Pandas and (some) pandasql:
So beginning with the data, I had to clean the .csv files with a large amount of columns or unnecessary information. Mainly what I did is get the rows where x column have y information in them, so for example I would get rows where df['Industry'] == 'Concert Venue', something along those lines. After that I would export those files, and manually begin adding a df['Borough'] column to the data frames, based on the address.
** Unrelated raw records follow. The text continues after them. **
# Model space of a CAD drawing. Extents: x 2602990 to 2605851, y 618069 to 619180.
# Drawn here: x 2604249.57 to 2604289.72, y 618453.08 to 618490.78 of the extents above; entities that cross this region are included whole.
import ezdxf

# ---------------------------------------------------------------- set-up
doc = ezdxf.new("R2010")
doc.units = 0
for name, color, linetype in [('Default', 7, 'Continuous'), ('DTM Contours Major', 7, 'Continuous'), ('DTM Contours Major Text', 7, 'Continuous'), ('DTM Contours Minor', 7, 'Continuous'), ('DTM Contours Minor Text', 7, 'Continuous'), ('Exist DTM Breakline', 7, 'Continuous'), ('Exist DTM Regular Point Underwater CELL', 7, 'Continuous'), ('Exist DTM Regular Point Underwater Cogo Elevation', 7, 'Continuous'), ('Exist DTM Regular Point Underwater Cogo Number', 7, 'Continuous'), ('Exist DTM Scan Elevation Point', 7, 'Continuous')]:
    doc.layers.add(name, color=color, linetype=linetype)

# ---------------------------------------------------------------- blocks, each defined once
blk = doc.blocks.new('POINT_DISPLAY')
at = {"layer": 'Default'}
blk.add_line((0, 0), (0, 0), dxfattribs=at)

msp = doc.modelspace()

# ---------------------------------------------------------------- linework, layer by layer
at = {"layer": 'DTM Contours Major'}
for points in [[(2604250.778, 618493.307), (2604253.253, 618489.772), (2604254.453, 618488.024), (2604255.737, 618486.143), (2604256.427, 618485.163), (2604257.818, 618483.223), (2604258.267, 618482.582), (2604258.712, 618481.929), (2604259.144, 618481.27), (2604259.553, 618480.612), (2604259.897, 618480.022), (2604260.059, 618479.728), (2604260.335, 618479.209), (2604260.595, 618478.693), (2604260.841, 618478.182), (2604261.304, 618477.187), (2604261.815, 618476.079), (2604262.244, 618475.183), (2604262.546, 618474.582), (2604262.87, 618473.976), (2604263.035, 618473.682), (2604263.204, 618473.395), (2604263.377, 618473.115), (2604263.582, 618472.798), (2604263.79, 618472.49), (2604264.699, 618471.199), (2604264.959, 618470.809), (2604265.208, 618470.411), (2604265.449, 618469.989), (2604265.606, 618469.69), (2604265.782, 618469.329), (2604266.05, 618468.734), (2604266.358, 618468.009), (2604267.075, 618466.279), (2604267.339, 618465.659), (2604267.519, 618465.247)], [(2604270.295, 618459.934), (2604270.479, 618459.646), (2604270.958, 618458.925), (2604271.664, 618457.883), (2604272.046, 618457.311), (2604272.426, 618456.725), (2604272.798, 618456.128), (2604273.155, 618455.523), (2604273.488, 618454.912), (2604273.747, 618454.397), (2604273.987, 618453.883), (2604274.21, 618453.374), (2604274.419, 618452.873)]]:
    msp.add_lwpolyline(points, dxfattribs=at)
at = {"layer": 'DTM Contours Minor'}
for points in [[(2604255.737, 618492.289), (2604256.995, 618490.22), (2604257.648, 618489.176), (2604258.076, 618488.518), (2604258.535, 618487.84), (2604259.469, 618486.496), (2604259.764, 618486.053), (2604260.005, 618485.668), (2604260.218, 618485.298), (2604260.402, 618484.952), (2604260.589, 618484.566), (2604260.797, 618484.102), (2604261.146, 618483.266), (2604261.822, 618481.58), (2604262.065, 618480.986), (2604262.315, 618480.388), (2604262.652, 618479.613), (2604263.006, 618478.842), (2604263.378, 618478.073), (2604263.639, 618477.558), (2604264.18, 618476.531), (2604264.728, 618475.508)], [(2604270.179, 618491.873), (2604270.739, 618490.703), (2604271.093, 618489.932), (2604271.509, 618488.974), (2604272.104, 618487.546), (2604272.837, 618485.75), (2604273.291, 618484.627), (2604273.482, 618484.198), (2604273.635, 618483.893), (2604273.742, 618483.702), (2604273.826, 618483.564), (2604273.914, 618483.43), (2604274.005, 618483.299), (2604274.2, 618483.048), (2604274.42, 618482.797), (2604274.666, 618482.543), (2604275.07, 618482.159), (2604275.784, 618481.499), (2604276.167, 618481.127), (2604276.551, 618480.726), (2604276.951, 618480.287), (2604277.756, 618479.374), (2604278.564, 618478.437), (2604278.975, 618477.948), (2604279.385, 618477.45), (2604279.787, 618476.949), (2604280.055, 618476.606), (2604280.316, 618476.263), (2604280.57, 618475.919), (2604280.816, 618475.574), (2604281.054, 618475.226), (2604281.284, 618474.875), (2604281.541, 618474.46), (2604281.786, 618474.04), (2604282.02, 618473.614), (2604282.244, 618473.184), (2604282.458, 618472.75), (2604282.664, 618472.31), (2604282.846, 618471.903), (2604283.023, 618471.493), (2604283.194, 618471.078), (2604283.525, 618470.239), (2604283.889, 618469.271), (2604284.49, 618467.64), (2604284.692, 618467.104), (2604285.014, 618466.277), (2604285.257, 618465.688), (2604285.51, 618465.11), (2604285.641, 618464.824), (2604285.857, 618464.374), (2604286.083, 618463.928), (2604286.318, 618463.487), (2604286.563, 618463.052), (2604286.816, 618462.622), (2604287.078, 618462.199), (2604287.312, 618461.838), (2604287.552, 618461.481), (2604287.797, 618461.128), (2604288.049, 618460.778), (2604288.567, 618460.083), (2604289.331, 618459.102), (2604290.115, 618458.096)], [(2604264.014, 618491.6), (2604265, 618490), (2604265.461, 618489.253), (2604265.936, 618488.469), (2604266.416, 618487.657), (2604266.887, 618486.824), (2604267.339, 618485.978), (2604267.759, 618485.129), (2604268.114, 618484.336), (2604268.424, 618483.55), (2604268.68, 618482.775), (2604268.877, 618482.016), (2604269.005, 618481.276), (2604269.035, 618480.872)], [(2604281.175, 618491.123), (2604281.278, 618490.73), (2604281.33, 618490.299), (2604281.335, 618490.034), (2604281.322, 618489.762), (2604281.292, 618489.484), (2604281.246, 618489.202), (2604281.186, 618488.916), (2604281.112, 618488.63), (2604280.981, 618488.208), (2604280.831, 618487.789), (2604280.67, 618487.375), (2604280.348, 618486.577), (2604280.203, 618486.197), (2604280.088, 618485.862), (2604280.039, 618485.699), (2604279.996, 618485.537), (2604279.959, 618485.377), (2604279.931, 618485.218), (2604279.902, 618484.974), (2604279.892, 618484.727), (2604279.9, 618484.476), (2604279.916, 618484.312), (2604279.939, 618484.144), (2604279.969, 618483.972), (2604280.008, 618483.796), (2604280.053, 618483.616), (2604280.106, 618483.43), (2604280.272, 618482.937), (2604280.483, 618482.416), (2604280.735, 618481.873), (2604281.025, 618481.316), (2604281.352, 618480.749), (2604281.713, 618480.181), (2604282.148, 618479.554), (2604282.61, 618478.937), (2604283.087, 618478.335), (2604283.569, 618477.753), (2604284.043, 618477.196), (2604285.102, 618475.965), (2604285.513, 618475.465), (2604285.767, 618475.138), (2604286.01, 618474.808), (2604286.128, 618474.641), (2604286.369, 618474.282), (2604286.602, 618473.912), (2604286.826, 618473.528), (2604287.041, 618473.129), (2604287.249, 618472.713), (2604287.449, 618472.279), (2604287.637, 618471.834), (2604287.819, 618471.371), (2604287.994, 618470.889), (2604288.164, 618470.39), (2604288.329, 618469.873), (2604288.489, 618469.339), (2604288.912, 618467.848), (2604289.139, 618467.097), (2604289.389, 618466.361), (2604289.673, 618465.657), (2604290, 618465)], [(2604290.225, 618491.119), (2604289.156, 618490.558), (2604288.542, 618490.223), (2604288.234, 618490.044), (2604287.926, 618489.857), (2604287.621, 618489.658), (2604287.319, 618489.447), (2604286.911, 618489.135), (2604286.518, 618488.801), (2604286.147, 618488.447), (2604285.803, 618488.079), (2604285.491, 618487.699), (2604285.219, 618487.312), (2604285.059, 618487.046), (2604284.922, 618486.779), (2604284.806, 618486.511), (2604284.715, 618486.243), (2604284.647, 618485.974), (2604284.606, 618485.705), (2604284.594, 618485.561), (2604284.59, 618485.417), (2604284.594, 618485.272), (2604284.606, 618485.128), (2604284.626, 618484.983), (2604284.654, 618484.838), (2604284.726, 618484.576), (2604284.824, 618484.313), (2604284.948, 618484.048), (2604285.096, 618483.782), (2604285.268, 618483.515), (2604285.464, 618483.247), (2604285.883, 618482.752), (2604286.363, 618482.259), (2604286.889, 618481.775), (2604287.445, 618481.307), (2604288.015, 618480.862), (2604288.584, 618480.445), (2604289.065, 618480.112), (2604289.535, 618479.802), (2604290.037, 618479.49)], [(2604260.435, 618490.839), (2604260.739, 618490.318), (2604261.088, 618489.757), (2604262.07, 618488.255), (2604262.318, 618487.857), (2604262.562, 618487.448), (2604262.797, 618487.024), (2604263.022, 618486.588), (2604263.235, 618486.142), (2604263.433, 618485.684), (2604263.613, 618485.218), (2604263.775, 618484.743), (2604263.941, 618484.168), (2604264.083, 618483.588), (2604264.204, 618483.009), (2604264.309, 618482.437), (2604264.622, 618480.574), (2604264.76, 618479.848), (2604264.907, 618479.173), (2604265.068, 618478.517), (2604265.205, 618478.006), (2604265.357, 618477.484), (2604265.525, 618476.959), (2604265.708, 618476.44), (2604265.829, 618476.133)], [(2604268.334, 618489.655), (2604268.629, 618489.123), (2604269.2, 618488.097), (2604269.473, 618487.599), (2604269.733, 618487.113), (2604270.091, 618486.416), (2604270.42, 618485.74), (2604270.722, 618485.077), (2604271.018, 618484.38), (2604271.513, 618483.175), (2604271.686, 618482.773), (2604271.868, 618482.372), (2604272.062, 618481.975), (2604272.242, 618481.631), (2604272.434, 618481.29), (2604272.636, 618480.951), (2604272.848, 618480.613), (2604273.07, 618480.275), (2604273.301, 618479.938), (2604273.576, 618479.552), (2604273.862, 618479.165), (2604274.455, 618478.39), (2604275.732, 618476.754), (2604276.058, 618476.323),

For the data links that don't have a downloadable .csv file, what I would do is copy paste them into an Atom ide, then use their regex 'Find in Current Buffer' feature to replace certain characters with others. This allowed me to quickly turn a table from a random website into a proper .csv file that I can work with. After cleaning up the individual dataframes, I combined them so I could count the values per borough (for one of the dataframes I had to switch 'New York' to 'Manhattan' in the df['Borough'] column).
With the INS files, I removed all values where df['Year'] != '2019' since the dataset I had with the share of workers per borough was from 2019. Then combined them as well.
Numpy and some basic Python:
There were some instances of finding out the sum or average of a value. For some of these instances some of the values in a dataframe were strings, so I turned them into ints, then used .sum(), .mean(), unrelated to numpy but I also used round(x) a couple of times. I then formatted them so some of the values were set to dollar values or something that didn't have a ridiculously long line of numbers. The values earned with these are shown in the folium map popups.
Matplotlib:
There are two pie charts for outputs, one of them is the percentage of share of workers, and the second one is the amount of venues each borough has (with percentage as well).
Folium:
I made a map with the information gathered from the datasets presented as pop-ups in said map.